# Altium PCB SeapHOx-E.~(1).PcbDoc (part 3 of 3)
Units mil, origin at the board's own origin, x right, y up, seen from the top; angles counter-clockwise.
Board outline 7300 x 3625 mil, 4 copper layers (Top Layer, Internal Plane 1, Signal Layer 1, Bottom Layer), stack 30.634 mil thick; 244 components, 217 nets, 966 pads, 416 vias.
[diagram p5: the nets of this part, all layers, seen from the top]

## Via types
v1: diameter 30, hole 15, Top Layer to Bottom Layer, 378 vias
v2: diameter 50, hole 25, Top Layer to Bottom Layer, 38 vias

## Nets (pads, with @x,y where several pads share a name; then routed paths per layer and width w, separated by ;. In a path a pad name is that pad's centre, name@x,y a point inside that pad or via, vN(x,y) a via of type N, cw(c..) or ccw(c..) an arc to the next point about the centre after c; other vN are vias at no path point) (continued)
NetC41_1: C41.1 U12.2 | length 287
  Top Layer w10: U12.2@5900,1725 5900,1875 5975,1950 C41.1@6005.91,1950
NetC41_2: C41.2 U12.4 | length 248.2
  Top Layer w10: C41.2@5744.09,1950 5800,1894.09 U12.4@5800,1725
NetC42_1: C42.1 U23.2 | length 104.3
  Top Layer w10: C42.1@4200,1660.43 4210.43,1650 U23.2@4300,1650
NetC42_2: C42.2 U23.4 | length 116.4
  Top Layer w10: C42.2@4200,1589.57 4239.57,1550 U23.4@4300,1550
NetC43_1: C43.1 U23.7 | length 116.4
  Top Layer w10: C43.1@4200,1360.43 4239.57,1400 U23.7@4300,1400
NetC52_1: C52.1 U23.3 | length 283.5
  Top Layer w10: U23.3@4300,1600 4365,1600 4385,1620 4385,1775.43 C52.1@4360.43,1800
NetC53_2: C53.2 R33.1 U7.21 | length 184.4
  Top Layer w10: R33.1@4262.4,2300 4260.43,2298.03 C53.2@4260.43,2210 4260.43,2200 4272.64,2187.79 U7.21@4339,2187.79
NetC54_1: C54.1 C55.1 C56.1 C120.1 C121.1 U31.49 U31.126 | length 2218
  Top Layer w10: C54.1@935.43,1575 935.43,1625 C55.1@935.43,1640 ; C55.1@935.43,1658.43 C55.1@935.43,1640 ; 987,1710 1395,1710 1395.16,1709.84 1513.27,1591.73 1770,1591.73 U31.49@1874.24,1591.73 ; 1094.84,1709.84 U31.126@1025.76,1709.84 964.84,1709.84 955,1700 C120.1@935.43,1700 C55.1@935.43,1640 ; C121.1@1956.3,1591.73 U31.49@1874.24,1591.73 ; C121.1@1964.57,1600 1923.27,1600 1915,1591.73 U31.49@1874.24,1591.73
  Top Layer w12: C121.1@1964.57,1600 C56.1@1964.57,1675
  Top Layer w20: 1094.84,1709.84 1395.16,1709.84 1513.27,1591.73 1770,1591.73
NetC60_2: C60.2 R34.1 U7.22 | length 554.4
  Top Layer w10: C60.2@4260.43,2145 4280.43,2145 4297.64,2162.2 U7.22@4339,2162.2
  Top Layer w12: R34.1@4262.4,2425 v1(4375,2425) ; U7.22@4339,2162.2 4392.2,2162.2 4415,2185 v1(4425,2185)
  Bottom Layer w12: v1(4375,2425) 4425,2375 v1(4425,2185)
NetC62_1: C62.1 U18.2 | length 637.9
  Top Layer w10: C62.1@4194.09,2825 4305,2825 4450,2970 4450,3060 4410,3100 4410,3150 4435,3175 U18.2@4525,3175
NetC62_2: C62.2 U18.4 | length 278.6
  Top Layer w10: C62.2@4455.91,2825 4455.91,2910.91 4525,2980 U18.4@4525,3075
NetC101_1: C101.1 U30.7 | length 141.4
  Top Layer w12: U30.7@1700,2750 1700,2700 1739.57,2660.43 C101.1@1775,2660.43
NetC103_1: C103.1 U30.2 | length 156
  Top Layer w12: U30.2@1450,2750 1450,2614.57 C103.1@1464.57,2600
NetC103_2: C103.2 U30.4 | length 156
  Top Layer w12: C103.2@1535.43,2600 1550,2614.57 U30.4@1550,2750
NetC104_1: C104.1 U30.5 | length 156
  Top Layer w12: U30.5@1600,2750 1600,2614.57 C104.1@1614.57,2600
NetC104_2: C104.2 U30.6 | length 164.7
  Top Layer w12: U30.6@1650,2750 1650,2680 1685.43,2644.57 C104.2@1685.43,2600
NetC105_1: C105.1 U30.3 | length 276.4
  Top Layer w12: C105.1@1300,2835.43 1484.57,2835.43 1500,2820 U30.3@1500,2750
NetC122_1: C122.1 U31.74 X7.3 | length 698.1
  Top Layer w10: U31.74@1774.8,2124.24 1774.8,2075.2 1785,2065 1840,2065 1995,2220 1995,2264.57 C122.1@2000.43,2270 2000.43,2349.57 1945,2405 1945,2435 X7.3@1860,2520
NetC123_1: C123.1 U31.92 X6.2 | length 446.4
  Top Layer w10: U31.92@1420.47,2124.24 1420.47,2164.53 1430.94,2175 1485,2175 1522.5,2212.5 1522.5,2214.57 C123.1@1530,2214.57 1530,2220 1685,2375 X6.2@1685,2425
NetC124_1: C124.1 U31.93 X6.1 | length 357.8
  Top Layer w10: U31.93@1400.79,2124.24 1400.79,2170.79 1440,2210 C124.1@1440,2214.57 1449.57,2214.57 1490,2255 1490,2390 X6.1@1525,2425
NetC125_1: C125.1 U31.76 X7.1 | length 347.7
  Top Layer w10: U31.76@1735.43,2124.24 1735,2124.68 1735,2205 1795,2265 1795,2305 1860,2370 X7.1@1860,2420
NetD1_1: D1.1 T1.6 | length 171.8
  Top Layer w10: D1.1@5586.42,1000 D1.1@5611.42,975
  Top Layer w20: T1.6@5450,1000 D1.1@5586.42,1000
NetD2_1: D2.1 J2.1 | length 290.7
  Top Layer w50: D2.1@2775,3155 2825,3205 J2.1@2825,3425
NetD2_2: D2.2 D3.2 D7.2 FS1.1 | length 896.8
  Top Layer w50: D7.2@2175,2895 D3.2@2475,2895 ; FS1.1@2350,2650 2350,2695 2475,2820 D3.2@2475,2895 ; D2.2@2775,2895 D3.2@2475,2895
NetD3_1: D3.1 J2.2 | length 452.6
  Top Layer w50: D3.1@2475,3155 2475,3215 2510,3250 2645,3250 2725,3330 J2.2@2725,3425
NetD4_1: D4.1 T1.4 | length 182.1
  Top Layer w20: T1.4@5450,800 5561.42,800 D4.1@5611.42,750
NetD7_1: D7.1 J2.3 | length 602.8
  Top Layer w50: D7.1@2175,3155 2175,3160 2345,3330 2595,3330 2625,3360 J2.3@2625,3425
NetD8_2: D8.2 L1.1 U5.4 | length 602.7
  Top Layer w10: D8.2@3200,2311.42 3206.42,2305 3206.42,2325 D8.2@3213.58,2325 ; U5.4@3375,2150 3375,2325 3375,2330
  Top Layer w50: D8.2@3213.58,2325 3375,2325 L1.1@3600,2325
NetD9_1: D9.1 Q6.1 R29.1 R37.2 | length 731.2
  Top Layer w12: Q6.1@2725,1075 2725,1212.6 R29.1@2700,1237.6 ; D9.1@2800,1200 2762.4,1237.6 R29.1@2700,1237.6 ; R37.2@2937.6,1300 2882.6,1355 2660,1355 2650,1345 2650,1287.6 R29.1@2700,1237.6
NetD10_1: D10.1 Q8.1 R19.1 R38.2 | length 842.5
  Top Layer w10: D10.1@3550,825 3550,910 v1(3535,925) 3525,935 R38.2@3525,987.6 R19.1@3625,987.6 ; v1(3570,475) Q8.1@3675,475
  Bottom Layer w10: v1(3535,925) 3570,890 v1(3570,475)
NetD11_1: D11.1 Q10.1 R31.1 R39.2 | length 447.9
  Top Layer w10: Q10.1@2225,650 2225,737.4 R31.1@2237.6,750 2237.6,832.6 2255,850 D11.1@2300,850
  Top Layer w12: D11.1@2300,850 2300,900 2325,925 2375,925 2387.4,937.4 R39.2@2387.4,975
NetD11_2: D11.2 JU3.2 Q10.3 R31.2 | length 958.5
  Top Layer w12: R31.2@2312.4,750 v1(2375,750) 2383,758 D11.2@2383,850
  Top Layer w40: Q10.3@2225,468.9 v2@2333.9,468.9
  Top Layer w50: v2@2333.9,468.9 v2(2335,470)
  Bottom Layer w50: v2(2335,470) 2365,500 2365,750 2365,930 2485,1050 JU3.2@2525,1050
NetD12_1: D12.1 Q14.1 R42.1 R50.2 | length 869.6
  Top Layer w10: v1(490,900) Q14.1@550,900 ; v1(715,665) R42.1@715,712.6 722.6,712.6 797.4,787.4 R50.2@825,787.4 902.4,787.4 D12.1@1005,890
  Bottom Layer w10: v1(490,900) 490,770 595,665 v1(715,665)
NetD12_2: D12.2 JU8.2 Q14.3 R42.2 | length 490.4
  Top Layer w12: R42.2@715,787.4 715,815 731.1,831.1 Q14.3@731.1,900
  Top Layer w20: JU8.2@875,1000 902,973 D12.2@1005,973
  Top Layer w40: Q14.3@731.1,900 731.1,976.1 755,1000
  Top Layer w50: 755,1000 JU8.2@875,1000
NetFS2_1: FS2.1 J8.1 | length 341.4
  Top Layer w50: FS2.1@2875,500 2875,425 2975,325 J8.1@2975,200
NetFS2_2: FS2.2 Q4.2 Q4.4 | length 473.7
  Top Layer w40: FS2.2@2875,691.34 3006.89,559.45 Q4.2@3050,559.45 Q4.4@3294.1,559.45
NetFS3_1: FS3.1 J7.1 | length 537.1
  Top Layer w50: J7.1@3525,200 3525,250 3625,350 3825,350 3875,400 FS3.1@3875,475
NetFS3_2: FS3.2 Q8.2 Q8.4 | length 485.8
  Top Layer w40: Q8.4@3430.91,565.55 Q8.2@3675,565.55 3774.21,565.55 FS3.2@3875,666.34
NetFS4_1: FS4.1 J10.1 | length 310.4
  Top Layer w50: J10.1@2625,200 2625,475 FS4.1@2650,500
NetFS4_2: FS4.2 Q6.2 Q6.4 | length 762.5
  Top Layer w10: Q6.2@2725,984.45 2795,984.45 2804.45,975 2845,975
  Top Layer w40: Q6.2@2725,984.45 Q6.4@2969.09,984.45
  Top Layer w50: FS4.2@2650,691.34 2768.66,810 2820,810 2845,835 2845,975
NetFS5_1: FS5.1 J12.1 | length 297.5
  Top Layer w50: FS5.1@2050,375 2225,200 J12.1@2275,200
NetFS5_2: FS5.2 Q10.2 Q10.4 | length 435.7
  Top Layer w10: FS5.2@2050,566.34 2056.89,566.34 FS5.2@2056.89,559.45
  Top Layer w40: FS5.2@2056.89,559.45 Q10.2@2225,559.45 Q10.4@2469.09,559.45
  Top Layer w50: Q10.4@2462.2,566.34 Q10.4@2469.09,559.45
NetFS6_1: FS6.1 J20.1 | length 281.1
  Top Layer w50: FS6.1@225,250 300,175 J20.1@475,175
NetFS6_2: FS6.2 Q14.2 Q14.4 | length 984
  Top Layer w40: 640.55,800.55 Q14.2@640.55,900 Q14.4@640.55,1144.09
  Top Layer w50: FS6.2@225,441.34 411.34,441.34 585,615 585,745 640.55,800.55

· · · ·

= Problem statement =
Only the lines from the beginning of the data above through the line containing "v2: diameter 50, hole" should be repeated, exactly as they appear.

= Solved exercise =
# Altium PCB SeapHOx-E.~(1).PcbDoc (part 3 of 3)
Units mil, origin at the board's own origin, x right, y up, seen from the top; angles counter-clockwise.
Board outline 7300 x 3625 mil, 4 copper layers (Top Layer, Internal Plane 1, Signal Layer 1, Bottom Layer), stack 30.634 mil thick; 244 components, 217 nets, 966 pads, 416 vias.
[diagram p5: the nets of this part, all layers, seen from the top]

## Via types
v1: diameter 30, hole 15, Top Layer to Bottom Layer, 378 vias
v2: diameter 50, hole 25, Top Layer to Bottom Layer, 38 vias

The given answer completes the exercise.